Testifying in his own behalf, appellant admitted upon direct examination that he fired the shot that killed deceased. He said: "I killed Mr. Ashford (deceased), and the reason I did it was that they (meaning deceased and the son of deceased) were going to kill me." We quote from appellant's confession as follows: "Last night, December 11, 1933, I made up my mind that I would go and kill Jim Ashford (deceased). After supper I asked Eugene Legg if he would make a little drive with me. He said he would. I put my shotgun in his car and buckled my pistol on me. * * * I got out of the car about Hugh Ashford's place. I walked south and got over the yard fence in the southwest corner of the front yard fence. I then went to the front of the house, and stood in front of it, on the ground, raised my gun, and fired through the window. I saw him in the room before I shot, and at the time I shot I shot to kill him, and aimed the gun at him. * * * I had five buckshot shells with me and used one of them when I shot Mr. Ashford."

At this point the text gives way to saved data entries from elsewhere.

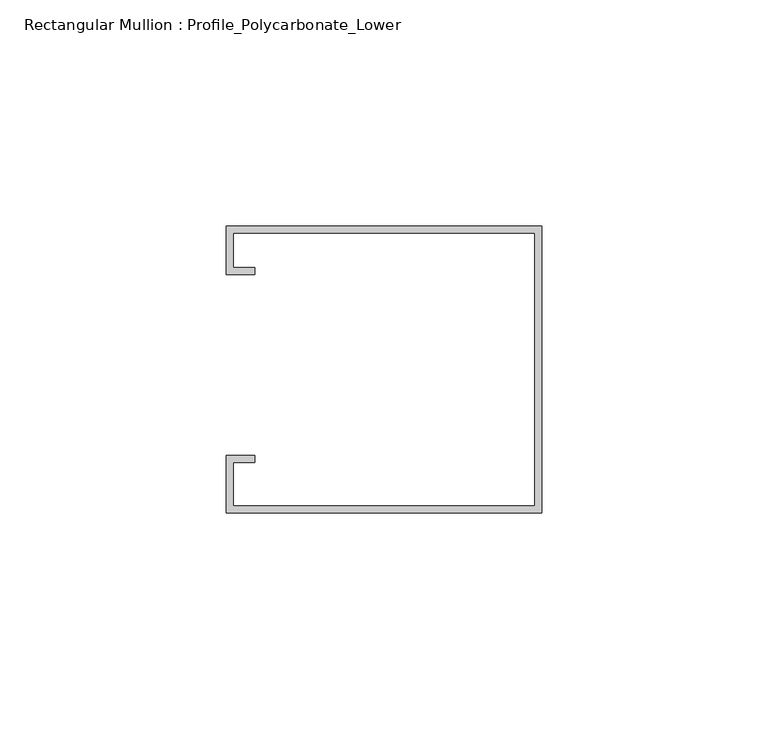
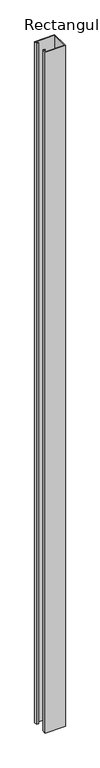
"""IFC4 building model written with IfcOpenShell, lengths in millimetres: member geometry, Rectangular Mullion : Profile_Polycarbonate_Lower."""

import ifcopenshell
import ifcopenshell.guid

model = None  # the IFC model being written
_history = None  # IfcOwnerHistory: only IFC2X3 demands one
_inside = {}  # id of a spatial element -> (the spatial element, [elements in it])
_under = {}  # id of a project, library or spatial element -> (it, [spatial elements below it])
_declared = {}  # id of a project -> (the project, [libraries it declares])
_typed = {}  # id of a type object -> (the type object, [elements of that type])
_made_of = {}  # id of a material, layer set ... -> (it, [elements and type objects made of it])


def new_model(schema):
    """Start an empty IFC model of exactly this schema.

    Asked for "IFC4X3", IfcOpenShell would pick the latest addendum, in which some entities
    have other attributes; the version numbers below select the first issue.
    IFC2X3 requires an IfcOwnerHistory on every rooted entity: one is made here for all.
    """
    global model, _history
    if schema == "IFC4X3":
        model = ifcopenshell.file(schema_version=(4, 3, 0, 0))
    else:
        model = ifcopenshell.file(schema=schema)
    _inside.clear()
    _under.clear()
    _declared.clear()
    _typed.clear()
    _made_of.clear()
    _history = None
    if model.schema == "IFC2X3":
        org = make("IfcOrganization", Name="unknown")
        user = make(
            "IfcPersonAndOrganization",
            ThePerson=make("IfcPerson", FamilyName="unknown"),
            TheOrganization=org,
        )
        app = make(
            "IfcApplication",
            ApplicationDeveloper=org,
            Version="unknown",
            ApplicationFullName="unknown",
            ApplicationIdentifier="unknown",
        )
        _history = make(
            "IfcOwnerHistory",
            OwningUser=user,
            OwningApplication=app,
            ChangeAction="ADDED",
            CreationDate=0,
        )
    return model


def make(cls, **values):
    """One entity of the class cls with the attributes given. An attribute that is None is left unset."""
    return model.create_entity(
        cls, **{name: value for name, value in values.items() if value is not None}
    )


def rooted(cls, **values):
    """An entity with a GlobalId (a new one), such as an element, a storey or a relation."""
    return make(cls, GlobalId=ifcopenshell.guid.new(), OwnerHistory=_history, **values)


def si_unit(unit_type, name, prefix=None):
    """IfcSIUnit, for example si_unit("LENGTHUNIT", "METRE", prefix="MILLI")."""
    return make("IfcSIUnit", UnitType=unit_type, Prefix=prefix, Name=name)


def assignment(units):
    """IfcUnitAssignment: the units of a project."""
    return None if units is None else make("IfcUnitAssignment", Units=units)


def point(xyz):
    """IfcCartesianPoint."""
    return None if xyz is None else make("IfcCartesianPoint", Coordinates=xyz)


def direction(xyz):
    """IfcDirection."""
    return None if xyz is None else make("IfcDirection", DirectionRatios=xyz)


def frame(location, z_axis=None, x_axis=None):
    """IfcAxis2Placement3D, a coordinate frame: its origin and axes. An axis left out is left unset."""
    return make(
        "IfcAxis2Placement3D",
        Location=point(location),
        Axis=direction(z_axis),
        RefDirection=direction(x_axis),
    )


def origin():
    """The frame at (0, 0, 0) with its axes left unset."""
    return frame((0.0, 0.0, 0.0))


def place(relative_to, where):
    """IfcLocalPlacement: puts the frame where relative to a parent placement (None: the world)."""
    return make(
        "IfcLocalPlacement", PlacementRelTo=relative_to, RelativePlacement=where
    )


def context(
    kind, dimensions, precision=None, world=None, true_north=None, identifier=None
):
    """IfcGeometricRepresentationContext, for example the 3D "Model" context."""
    return make(
        "IfcGeometricRepresentationContext",
        ContextIdentifier=identifier,
        ContextType=kind,
        CoordinateSpaceDimension=dimensions,
        Precision=precision,
        WorldCoordinateSystem=world,
        TrueNorth=true_north,
    )


def project(units=None, contexts=None):
    """IfcProject with its units and contexts."""
    return rooted(
        "IfcProject",
        Name="project",
        RepresentationContexts=contexts,
        UnitsInContext=assignment(units),
    )


def spatial(cls, under=None, at=None, **own):
    """A site, building, storey or space (cls), placed at a placement, below another one or the project."""
    s = rooted(cls, ObjectPlacement=at, **own)
    if under is not None:
        _under.setdefault(under.id(), (under, []))[1].append(s)
    return s


def polyline(points):
    """IfcPolyline through the points."""
    return make("IfcPolyline", Points=[point(p) for p in points])


def outline(outer, holes=None, kind="AREA"):
    """IfcArbitraryClosedProfileDef: a profile drawn as a closed curve; with holes, ...WithVoids."""
    if holes is None:
        return make("IfcArbitraryClosedProfileDef", ProfileType=kind, OuterCurve=outer)
    return make(
        "IfcArbitraryProfileDefWithVoids",
        ProfileType=kind,
        OuterCurve=outer,
        InnerCurves=holes,
    )


def extrude(swept, where, along, depth):
    """IfcExtrudedAreaSolid: the profile swept, set in the frame where, extruded along a direction by depth."""
    return make(
        "IfcExtrudedAreaSolid",
        SweptArea=swept,
        Position=where,
        ExtrudedDirection=direction(along),
        Depth=depth,
    )


def shape(context_of_items, identifier, shape_type, items):
    """IfcShapeRepresentation: the items that make up one representation, for example the "Body"."""
    return make(
        "IfcShapeRepresentation",
        ContextOfItems=context_of_items,
        RepresentationIdentifier=identifier,
        RepresentationType=shape_type,
        Items=items,
    )


def source(mapping_origin, context_of_items, identifier, shape_type, items):
    """IfcRepresentationMap: a shape defined once, which mapped items show again and again."""
    return make(
        "IfcRepresentationMap",
        MappingOrigin=mapping_origin,
        MappedRepresentation=shape(context_of_items, identifier, shape_type, items),
    )


def transform(
    local_origin,
    x_axis=None,
    y_axis=None,
    z_axis=None,
    scale=None,
    scale2=None,
    scale3=None,
    uniform=True,
):
    """IfcCartesianTransformationOperator3D, or its non-uniform kind. x_axis, y_axis, z_axis: its Axis1, 2, 3."""
    if uniform:
        return make(
            "IfcCartesianTransformationOperator3D",
            Axis1=direction(x_axis),
            Axis2=direction(y_axis),
            LocalOrigin=point(local_origin),
            Scale=scale,
            Axis3=direction(z_axis),
        )
    return make(
        "IfcCartesianTransformationOperator3DnonUniform",
        Axis1=direction(x_axis),
        Axis2=direction(y_axis),
        LocalOrigin=point(local_origin),
        Scale=scale,
        Axis3=direction(z_axis),
        Scale2=scale2,
        Scale3=scale3,
    )


def mapped(mapping_source, mapping_target):
    """IfcMappedItem: shows the shape of a source again, moved by a transform."""
    return make(
        "IfcMappedItem", MappingSource=mapping_source, MappingTarget=mapping_target
    )


def made_of(thing, what):
    """Note that an element or type object is made of a material, layer set ...; save() writes the relation."""
    if what is not None:
        _made_of.setdefault(what.id(), (what, []))[1].append(thing)
    return thing


def element(
    cls,
    number,
    at=None,
    inside=None,
    cuts=None,
    type_object=None,
    material=None,
    context=None,
    identifier="Body",
    shape_type=None,
    held_by="IfcProductDefinitionShape",
    body=None,
    shapes=None,
    **own,
):
    """One element of the class cls, such as IfcWall. Its Tag is "e" and its number.

    at: its placement. inside: the storey or other place that contains it. cuts: it is an
    opening in that element (IfcRelVoidsElement). A single representation is given by context,
    identifier, shape_type and body (its items); several are given by shapes. held_by: the class
    of the entity that holds the representations. save() writes the other relations.
    """
    e = rooted(cls, Tag="e%d" % number, ObjectPlacement=at, **own)
    if body is not None:
        shapes = [shape(context, identifier, shape_type, body)]
    if shapes is not None:
        e.Representation = make(held_by, Representations=shapes)
    if inside is not None:
        _inside.setdefault(inside.id(), (inside, []))[1].append(e)
    if cuts is not None:
        rooted(
            "IfcRelVoidsElement", RelatingBuildingElement=cuts, RelatedOpeningElement=e
        )
    if type_object is not None:
        _typed.setdefault(type_object.id(), (type_object, []))[1].append(e)
    return made_of(e, material)


def aggregate(whole, parts):
    """IfcRelAggregates: a whole, such as a stair, and the parts it consists of."""
    return rooted("IfcRelAggregates", RelatingObject=whole, RelatedObjects=parts)


def save(model, path):
    """Write the relations noted so far, then the file.

    IfcRelAggregates (storeys below a building ...), IfcRelContainedInSpatialStructure (elements
    in a storey), IfcRelDefinesByType, IfcRelAssociatesMaterial and IfcRelDeclares: one each for
    every whole, place, type object, material and project.
    """
    for whole, parts in _under.values():
        aggregate(whole, parts)
    for where, things in _inside.values():
        rooted(
            "IfcRelContainedInSpatialStructure",
            RelatedElements=things,
            RelatingStructure=where,
        )
    for kind, things in _typed.values():
        rooted("IfcRelDefinesByType", RelatedObjects=things, RelatingType=kind)
    for what, things in _made_of.values():
        rooted("IfcRelAssociatesMaterial", RelatedObjects=things, RelatingMaterial=what)
    for by, libraries in _declared.values():
        rooted("IfcRelDeclares", RelatingContext=by, RelatedDefinitions=libraries)
    model.write(path)


def rectangular_mullion_profile_polycarbonate_lower_0f329726(model_context):
    return source(origin(), model_context, "Body", "SweptSolid", [
        extrude(outline(polyline([(0.0, -32.7), (-69.85, -32.7), (-69.85, -20.0), (-63.5, -20.0), (-63.5, -21.5875), (-68.2625, -21.5875), (-68.2625, -31.1125), (-1.5875, -31.1125), (-1.5875, 29.2125), (-68.2625, 29.2125), (-68.2625, 21.5875), (-63.5, 21.5875), (-63.5, 20.0), (-69.85, 20.0), (-69.85, 30.8), (0.0, 30.8), (0.0, -32.7)])), frame((0.0, 0.0, -2505.075), z_axis=(0.0, 0.0, 1.0), x_axis=(1.0, 0.0, 0.0)), (0.0, 0.0, 1.0), 2505.075),
    ])


if __name__ == "__main__":
    model = new_model("IFC4")
    model_context = context("Model", 3, world=origin())
    ifc_project = project(units=[si_unit("LENGTHUNIT", "METRE", prefix="MILLI")], contexts=[model_context])
    site = spatial("IfcSite", under=ifc_project)
    building = spatial("IfcBuilding", under=site)
    placement = place(None, origin())
    rectangular_mullion_profile_polycarbonate_lower_shape = rectangular_mullion_profile_polycarbonate_lower_0f329726(model_context)
    element("IfcMember", 1, ObjectType="Rectangular Mullion : Profile_Polycarbonate_Lower", at=placement, inside=building, context=model_context, shape_type="MappedRepresentation", body=[
        mapped(rectangular_mullion_profile_polycarbonate_lower_shape, transform((0.0, 0.0, 0.0), x_axis=(1.0, 0.0, 0.0), y_axis=(0.0, 1.0, 0.0), z_axis=(0.0, 0.0, 1.0))),
    ])
    save(model, "model.ifc")

# Revit data of these elements
# Type "Rectangular Mullion : Profile_Polycarbonate_Lower"
#   built-in parameter 1007322 = 0.208333 (stored number, unit not read)
#   built-in parameter 1007321 = 0 (stored number, unit not read)
#   built-in parameter 1007320 = 0.00520833 (stored number, unit not read)
# Element 1 (IfcMember, "Rectangular Mullion : Profile_Polycarbonate_Lower")
#   Materials on its faces: "ALUMINUM PROFILE AT POLYCARBONATE PANEL"
# Materials
#   "ALUMINUM PROFILE AT POLYCARBONATE PANEL": class "Metal", colour RGB 244 244 244, transparency 0, Description = "Aluminum 6061", Cost = 0

Testifying for the state, Eugene Legg stated that he went with appellant to a point near the home of deceased on the occasion in question and that appellant was armed with a shotgun; that after the car stopped appellant took the gun and left the car; that he (the witness) remained in the car; that he heard a shot and some hollering; that when appellant returned and while they were driving home he asked appellant who it was that was making the fuss; that appellant replied that it was Mrs. Ashford (the wife of deceased); that appellant said that he had "turned Mr. Ashford over" and that if they were caught he (appellant) would assume the responsibility.

It appears from the evidence that appellant had an insane brother who, because of having been a World War veteran, was drawing $100 a month from the Veterans' Administration; that the deceased was guardian of the estate of the insane brother; that a controversy arose between appellant and deceased over the amount of money charged by deceased for the care of the ward and the allowance to the ward's mother; that appellant attempted to require deceased to make an accounting, but failed. It was the state's theory, supported by the evidence, that this controversy caused appellant to entertain feelings of ill will toward deceased.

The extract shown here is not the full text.